1996年6月、当時の石井三雄市長がバカラ賭博に狂い、30億を超える債務に追われ失踪という前代未聞の不祥事が発覚。その1か月後の市長選で、市長候補を公募で選ぼうとしていた「市民派市長を!手作り運動‘96」から推されて出馬した私は、自民系会派の正副幹事長だった2人と争うことになった。
その時、私の選挙母体として結成した「豊かな会」共同代表を引き受けて下さったのが、前島郁雄さんだった。狛江駅北口整備に関わる市民運動のメンバーだったが、政治活動には全く関わっていなかった前島さんが、日本共産党市議を31年務めてきた私を推薦してくれたことに驚き、かつ大いに励まされた。
当選後、全国唯一の共産党員市長として国の内外から注目されたが、私はそれより「市民と共産党の共同」で市政転換をしたことこそ、新しい政治の波として大きな意義があり、今の「市民と野党の選挙共闘」の流れにつながるものと、心ひそかに誇っている。
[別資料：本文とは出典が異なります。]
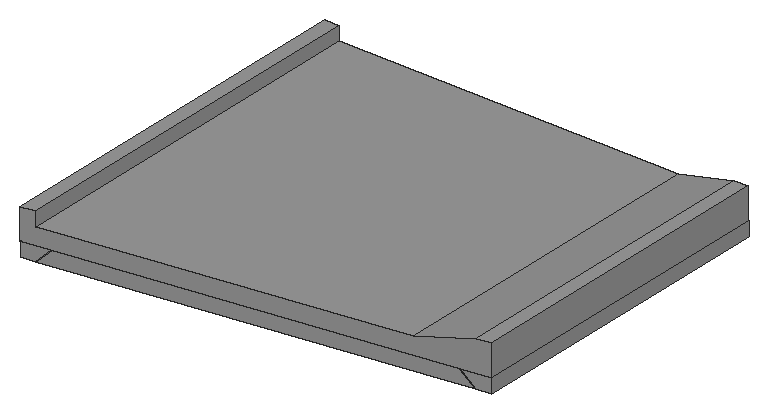
Revit family "消力池", category 常规模型, Revit 2019
Family settings
  可将钢筋附着到主体 = 否
  圆形连接件大小 = 使用直径
  零件类型 = 标准
  基于工作平面 = 否
  总是垂直 = 是
  加载时剪切的空心 = 否
  共享 = 否
  房间计算点 = 否
Parameters
  齿墙高 = 50 cm
  齿墙材质 = 钢筋混凝土 C25
  齿墙底宽 = 50 cm
  齿墙倾角 = 45.00°
  长边宽 [instance] = 宽度 + 总长 * tan(平面扩散角)  # 1346.3302 cm
  消力池材质 = 钢筋混凝土 C25
  消力池厚度 = 60 cm
  总长 [instance] = 1498 cm
  平面扩散角 [instance] = 8.00°
  宽度 [instance] = 1135.8 cm
  型号 = "STILLING_BASIN"
  中间齿墙是否存在 = no
  中间齿墙下游端距下游 = 450 cm
  下游台阶高 = 50 cm
  下游台阶长 = 50 cm
  上游台阶高 = 50 cm
  上游台阶长 = 50 cm
  上游台阶斜坡长 = 200 cm
  pj [instance] = atan(cos(平面扩散角) * tan(齿墙倾角))  # 44.7198°
  mp [instance] = 中间齿墙下游端距下游 * tan(平面扩散角) + 齿墙底宽  # 113.2434 cm
  lp [instance] = 齿墙底宽 * tan(平面扩散角)  # 7.027 cm
  -j [instance] = -1 * 平面扩散角  # -8.00°
Reference planes (cm)
  plane 1 "中心(前/后)": y = 0
  plane 2: z = 0
  plane 3 "中心(左/右)": x = 0
  plane 4 "A": z = -110
  plane 5: x = -1498
  plane 6: y = -1135.8
  plane 7: y = -1346.3302
Dimensions and locks (cm)
  "总长": plane 5 to plane 3 "中心(左/右)"
  "宽度": plane 6 to plane 1 "中心(前/后)"
  "齿墙底宽": plane 5 to nested 4
  "齿墙底宽": nested 4 to plane 3 "中心(左/右)"
  "齿墙底宽": nested 6 to plane 1 "中心(前/后)"
  "长边宽": plane 7 to plane 1 "中心(前/后)"
  "中间齿墙下游端距下游": plane 5 to nested 6
  "lp": plane 7 to nested 4
  "齿墙底宽": nested 5 to plane 3 "中心(左/右)"
  "齿墙底宽": plane 5 to nested 5
  "mp": plane 7 to nested 6
  aligned and locked: level to plane 2
  aligned and locked: plane 5 to nested 2
  aligned and locked: nested 1 to plane 3 "中心(左/右)"
  aligned and locked: nested 2 to plane 7
  aligned and locked: nested 3 to plane 1 "中心(前/后)"
  aligned and locked: plane 6 to nested 3
Nested families (cm)
  nested 1: "消力池面" at (-52, 0, 0), 消力池材质 <- "消力池材质", type "消力池面"
    with 消力池材质 钢筋混凝土 C25, 总长 1498 cm, 宽度 1135.8 cm, ql 210.5302 cm, gj 13.3392°, bigw 1346.3302 cm
  nested 2: "齿墙" at (-1498, 0, -110) x (0, -1, 0) z (0, 0, 1), type "齿墙下游"
    with built-in parameter 1001306 44.171 (stored number, unit not read), zy 0 cm, zx 50 cm, zrx 50 cm, w_all 100 cm, rqy 200 cm, rqp 113.9173 cm, rpp 0 cm, rp 0 cm, qry 100 cm, qrx 14.0541 cm, qly 100 cm, qlx 0 cm, lqy 200 cm, lqp 50 cm
  nested 3: "齿墙" at (0, -1135.8, -110) x (0, 1, 0) z (0, 0, 1), type "齿墙上游"
    with built-in parameter 1001306 37.264 (stored number, unit not read), zy 0 cm, zx 14.0541 cm, zrx 50 cm, w_all 100 cm, rqy 200 cm, rqp 100 cm, rpp 0 cm, rp 0 cm, qry 100 cm, qrx 0 cm, qly 100 cm, qlx 14.0541 cm, lqy 200 cm, lqp 63.9173 cm
  nested 4: "齿墙" at (-1448, -1339.3031, -110), type "齿墙左岸"
    with built-in parameter 1001306 45.866 (stored number, unit not read), zy 7.027 cm, zx 50 cm, zrx 50 cm, w_all 100 cm, rqy 200 cm, rqp 100 cm, rpp 196.4761 cm, rp 210.5302 cm, qry 100 cm, qrx 0 cm, qly 100 cm, qlx 0 cm, lqy 417.5572 cm, lqp 50 cm
  nested 5: "齿墙" at (-50, 0, -110) x (-1, 0, 0) z (0, 0, 1), type "齿墙轴线位置"
    with built-in parameter 1001306 45.866 (stored number, unit not read), zy 0 cm, zx 50 cm, zrx 50 cm, w_all 100 cm, rqy 200 cm, rqp 100 cm, rpp 0 cm, rp 0 cm, qry 100 cm, qrx 0 cm, qly 100 cm, qlx 0 cm, lqy 200 cm, lqp 50 cm
  nested 6: "齿墙" at (-1048, -50, -110) x (0, -1, 0) z (0, 0, 1), visible <- "中间齿墙是否存在", type "齿墙中间"
    with built-in parameter 1001306 38.815 (stored number, unit not read), zy 0 cm, zx 50 cm, zrx 50 cm, w_all 150 cm, rqy 250 cm, rqp 120.876 cm, rpp 0 cm, rp 0 cm, qry 100 cm, qrx 14.0541 cm, qly 100 cm, qlx 0 cm, lqy 300 cm, lqp 50 cm
Definition of nested family "消力池面"
  Parameters (values of type "消力池面")
    远侧台阶平台长 = 50 cm
    远侧台阶高度 = 50 cm
    近侧台阶高度 = 50 cm
    近侧台阶斜坡长度 = 200 cm
    近侧台阶平台长 = 50 cm
    消力池材质 [instance] = none
    消力池厚度 = 60 cm
    总长 = 998 cm
    平面扩散角 = 8.00°
    宽度 = 1138 cm
    ql = 总长 * tan(平面扩散角)  # 140.2598 cm
    gj = 平面扩散角 + atan(140 cm / 总长)  # 15.9854°
    bigw = 宽度 + ql  # 1278.2598 cm
  Reference planes (cm)
    plane 1 "中心(前/后)": y = 0
    plane 2: z = 0
    plane 3 "中心(左/右)": x = 52
    plane 4: x = 2
    plane 5: x = -198
    plane 6: z = -50
    plane 7: x = -896
    plane 8: z = -110
    plane 9: x = -946
    plane 10: y = -1278.2598
    plane 11: x = -946
    plane 12: y = -1418.5195
  Forms (cm)
    Extrusion 1, solid, material <- "消力池材质"
      sketch origin (0, 0, 0) x (1, 0, 0) y (0, 0, 1)
        loop
          line (-896, 0) -> (-946, 0) -> (-946, -110) -> (52, -110) -> (52, 0) -> (2, 0) -> (-198, -50) -> (-896, -50) -> (-896, 0)
      from 0 to 1278.2598
    Extrusion 2, void
      sketch origin (0, 0, 0) x (1, 0, 0) y (0, 1, 0)
        loop
          line (-946, -1278.2598) -> (52, -1418.5195) -> (52, -1138.2598) -> (-946, -1278.2598)
      from -110 to 0
  Cuts and joins
    Extrusion 2 cuts Extrusion 1
  Lines and regions (cm)
    reference lines
      curve 1: line (5102.7858, 1390.2252, 0) -> (5102.7858, 1370.2252, 0)
  Dimensions and locks (cm)
    "近侧台阶平台长": plane 3 "中心(左/右)" to plane 4
    "近侧台阶斜坡长度": plane 5 to plane 4
    "近侧台阶高度": Extrusion 1 sketch curve to plane 6
    "远侧台阶高度": Extrusion 1 sketch curve to plane 6
    "消力池厚度": plane 6 to plane 8
    "总长": plane 3 "中心(左/右)" to plane 9
    "远侧台阶平台长": plane 9 to plane 7
    "bigw": plane 10 to plane 1 "中心(前/后)"
    "总长": plane 11 to plane 3 "中心(左/右)"
    locked: plane 10 to plane 12 at 140.2598
    "gj": angle Extrusion 2 sketch curve to Extrusion 2 sketch curve
    aligned and locked: level to plane 2
    aligned and locked: plane 4 to Extrusion 1 sketch curve
    aligned and locked: plane 7 to Extrusion 1 sketch curve
    aligned and locked: Extrusion 1 sketch curve to plane 8
    aligned and locked: plane 9 to Extrusion 1 sketch curve
    aligned and locked: Extrusion 1 to plane 1 "中心(前/后)"
    aligned and locked: Extrusion 1 to plane 10
    aligned and locked: plane 12 to Extrusion 2 sketch curve
    aligned and locked: plane 11 to Extrusion 2 sketch curve
    aligned and locked: plane 10 to Extrusion 2 sketch curve
    aligned and locked: Extrusion 2 sketch curve to plane 3 "中心(左/右)"
    aligned and locked: level to Extrusion 2
    aligned and locked: Extrusion 2 to Extrusion 1
  Automatic sketch dimensions
    plane 3 "中心(左/右)" to curve 1 = 5050.7858 cm
    curve 1 to curve 1 = 20 cm
    curve 1 to plane 1 "中心(前/后)" = 1370.2252 cm
    plane 5 to Extrusion 1 sketch curve = 0 cm
    Extrusion 1 sketch curve to plane 3 "中心(左/右)" = 0 cm
    Extrusion 1 sketch curve to plane 6 = 0 cm
Definition of nested family "齿墙"
  Parameters (values of type "中间齿墙")
    齿墙材质 = none
    高 = 50 cm
    built-in parameter 1001306 [instance] = 1200 cm
    整体倾斜角 = 0.00°
    底宽 = 86 cm
    截面左倾角 = 60.00°
    截面右倾角 = 60.00°
    左端竖切倾角 = 0.00°
    zrx [instance] = if(右端倾斜角 < 0.00°, w_all * tan(整体倾斜角 - 右端倾斜角), 50 cm)  # 50 cm
    rqy [instance] = w_all + 100 cm  # 359.2051 cm
    rpp [instance] = [built-in parameter 1001306] * tan(整体倾斜角)  # 0 cm
    qry [instance] = if(右端倾斜角 < 0.00°, 0 cm, 100 cm)  # 100 cm
    qrx [instance] = if(右端倾斜角 < 0.00°, 0 cm, qry * tan(右端倾斜角))  # 173.2051 cm
    lqy [instance] = 2 * w_all + rp + zy  # 518.4102 cm
    左端倾斜角 = 0.00°
    右端竖切倾角 = 59.00°
    右端倾斜角 = 60.00°
    zy [instance] = zx * tan(整体倾斜角)  # 0 cm
    zx [instance] = if(左端倾斜角 < 0.00°, -1 * w_all * tan(左端倾斜角), 50 cm)  # 50 cm
    w_all [instance] = 底宽 + if(截面左倾角 = 90.00°, 0 cm, 高 * tan(截面左倾角)) + if(截面右倾角 = 90.00°, 0 cm, 高 * tan(截面右倾角))  # 259.2051 cm
    rqp [instance] = w_all * sin(abs(右端倾斜角)) + 100 cm  # 324.4782 cm
    rp [instance] = ([built-in parameter 1001306] + zx + zrx) * tan(整体倾斜角)  # 0 cm
    qly [instance] = if(左端倾斜角 > 0.00°, 0 cm, 100 cm)  # 100 cm
    qlx [instance] = if(左端倾斜角 > 0.00°, 0 cm, -1 * qly * tan(左端倾斜角))  # 0 cm
    lqp [instance] = (w_all + zy) * sin(abs(左端倾斜角)) + 50 cm  # 50 cm
  Types (6, lengths in cm): name | 整体倾斜角 | 底宽 | 截面左倾角 | 截面右倾角 | 左端竖切倾角 | rqy | rpp | qrx | lqy | 左端倾斜角 | 右端竖切倾角 | 右端倾斜角 | zy | zx | w_all | rqp | rp | qlx | lqp
    中间齿墙 | 0.00° | 86 | 60.00° | 60.00° | 0.00° | 359.2051 | 0 | 173.2051 | 518.4102 | 0.00° | 59.00° | 60.00° | 0 | 50 | 259.2051 | 324.4782 | 0 | 0 | 50
    齿墙中间 | 0.00° | 50 | 45.00° | 45.00° | 45.00° | 250 | 0 | 14.0541 | 300 | 0.00° | 44.7198° | 8.00° | 0 | 50 | 150 | 120.876 | 0 | 0 | 50
    齿墙轴线位置 | 0.00° | 50 | 45.00° | 90.00° | 45.00° | 200 | 0 | 0 | 200 | 0.00° | 45.00° | 0.00° | 0 | 50 | 100 | 100 | 0 | 0 | 50
    齿墙左岸 | 8.00° | 50 | 45.00° | 90.00° | 45.00° | 200 | 168.649 | 0 | 389.7301 | 0.00° | 45.00° | 0.00° | 7.027 | 50 | 100 | 100 | 182.7031 | 0 | 50
    齿墙下游 | 0.00° | 50 | 45.00° | 90.00° | 0.00° | 200 | 0 | 14.0541 | 200 | 0.00° | 0.00° | 8.00° | 0 | 50 | 100 | 113.9173 | 0 | 0 | 50
    齿墙上游 | 0.00° | 50 | 45.00° | 90.00° | 0.00° | 200 | 0 | 0 | 200 | -8.00° | 0.00° | 0.00° | 0 | 14.0541 | 100 | 100 | 0 | 14.0541 | 63.9173
  Reference planes (cm)
    plane 1 "中心(前/后)": y = 0
    plane 2: z = 0
    plane 3 "左": x = 0
    plane 4 "右": x = 1200
    plane 5: z = -50
    plane 6: z = -50
    plane 7: y = 0
    plane 8: y = 0
    plane 9: x = -50
    plane 10: y = -100
    plane 11: x = 0
    plane 12: x = 1250
    plane 13: y = 518.4102
    plane 14: y = -100
    plane 15: x = 1373.2051
    plane 16: y = 359.2051
  Forms (cm)
    SweptBlend 1, solid, material <- "齿墙材质"
      path in 3D
        loop
          line (-50, 0, 0) -> (1250, 0, 0)
      profile "齿墙轮廓 : 齿墙轮廓左" origin (-50, 0, 0) x (0, 1, 0) y (0, 0, 1)
        loop
          line (172.6025, -50) -> (259.2051, 0) -> (0, 0) -> (86.6025, -50) -> (172.6025, -50)
      end profile "齿墙轮廓 : 齿墙轮廓右" origin (1250, 0, 0) x (0, 1, 0) y (0, 0, 1)
        loop
          line (172.6025, -50) -> (259.2051, 0) -> (0, 0) -> (86.6025, -50) -> (172.6025, -50)
    Sweep 2, void
      path in 3D
        loop
          line (0, -100, 0) -> (0, 518.4102, 0)
      profile "剪切轮廓 : 剪切轮廓" origin (0, 209.2051, 0) x (-1, 0, 0) y (0, 0, 1)
        loop
          line (50, 0) -> (0, 0) -> (0, -50) -> (50, -50) -> (50, 0)
    Sweep 3, void
      path in 3D
        loop
          line (1373.2051, -100, 0) -> (577.8385, 359.2051, 0)
      profile "剪切轮廓 : 剪切轮廓右" origin (975.5218, 129.6025, 0) x (-0.5, -0.866025, 0) y (0, 0, 1)
        loop
          line (-324.4782, 0) -> (-324.4782, -50) -> (0, -50) -> (83.214, 0) -> (-324.4782, 0)
  Cuts and joins
    Sweep 2, Sweep 3 cuts SweptBlend 1
  Lines and regions (cm)
    reference lines
      curve 1: line (0, 0, 0) -> (1200, 0, 0)
      curve 2: line (0, -100, 0) -> (0, 518.4102, 0)
      curve 3: line (-50, 0, 0) -> (1250, 0, 0)
      curve 6: line (1373.2051, -100, 0) -> (577.8385, 359.2051, 0)
    sketch lines
      curve 4: line (-50, 0, 0) -> (1250, 0, 0)
      curve 5: line (0, -100, 0) -> (0, 518.4102, 0)
      curve 7: line (1373.2051, -100, 0) -> (577.8385, 359.2051, 0)
  Dimensions and locks (cm)
    "built-in parameter 1001306": plane 3 "左" to plane 4 "右"
    "高": level to plane 5
    "高": plane 2 to plane 6
    "rpp": plane 1 "中心(前/后)" to plane 7
    "zy": plane 8 to plane 1 "中心(前/后)"
    "zx": plane 9 to plane 3 "左"
    "qly": plane 1 "中心(前/后)" to plane 10
    "qlx": plane 3 "左" to plane 11
    "zrx": plane 4 "右" to plane 12
    "lqy": plane 8 to plane 13
    "qry": plane 7 to plane 14
    "qrx": plane 4 "右" to plane 15
    "rqy": plane 16 to plane 7
    "左端倾斜角": angle curve 2 to plane 11
    "右端倾斜角": angle plane 15 to curve 6
    aligned and locked: level to plane 2
    aligned and locked: plane 11 to curve 2
    aligned and locked: plane 10 to curve 2
    aligned and locked: plane 13 to curve 2
    aligned and locked: curve 3 to plane 8
    aligned and locked: plane 9 to curve 3
    aligned and locked: plane 12 to curve 3
    aligned and locked: plane 15 to curve 6
    aligned and locked: plane 14 to curve 6
    aligned and locked: plane 16 to curve 6
  Automatic sketch dimensions
    plane 1 "中心(前/后)" to curve 1 = 0 cm
    curve 1 to plane 4 "右" = 0 cm

前島さんの重みを実感したのは、私の最初の当初予算案を審議する97年3月の議会だった。多数議席を持つ野党は21項目の組替え要求を出し、実施可能な要求は受け入れ、無理なものは説得し、20項目まで合意したのだが、野党は残る1項目、私の選挙公約だった高齢者入院見舞金事業予算を、私の手で削除することに固執した。
私に公約を破らせようという魂胆だったが、それを蹴った場合不信任案提出も予測され、市議選、市長選を闘う覚悟が必要だった。「豊かな会」幹部や与党市議団と会議を持ったが、私の思いを聞き終わった前島さんは、開口一番「市民を裏切ってはいかん。野党の攻撃をはねつけなさい」と語った。このためらいのない言葉に、私たちは市民本位という原点を思い起こし、一気に闘う決意が固まった。
その後予算案は否決されたが、再提案する3週間後の臨時議会に向けた「予算通せ」の運動が野党を追い詰め、最後は全会一致で成立した。この時、私の腹の底に「市政を動かすのは、議会や役所ではない。市民だ」との思いが深く刻まれ、「市民が主人公の市政」を腹の底に落とすことが出来た。まさに前島さんの一言は、市民派市政構築への号砲だった。
4期16年、困難はあっても市民派市政を継続・発展出来たのは前島さんという存在があったからだと、あらためて感じている。前島さんの好きな青森の銘酒「豊盃」を酌み交わし、これからの狛江を語り合う機会が失われたことは残念極まりない。
前島郁雄さん、本当にありがとうございました。安らかにお眠りください。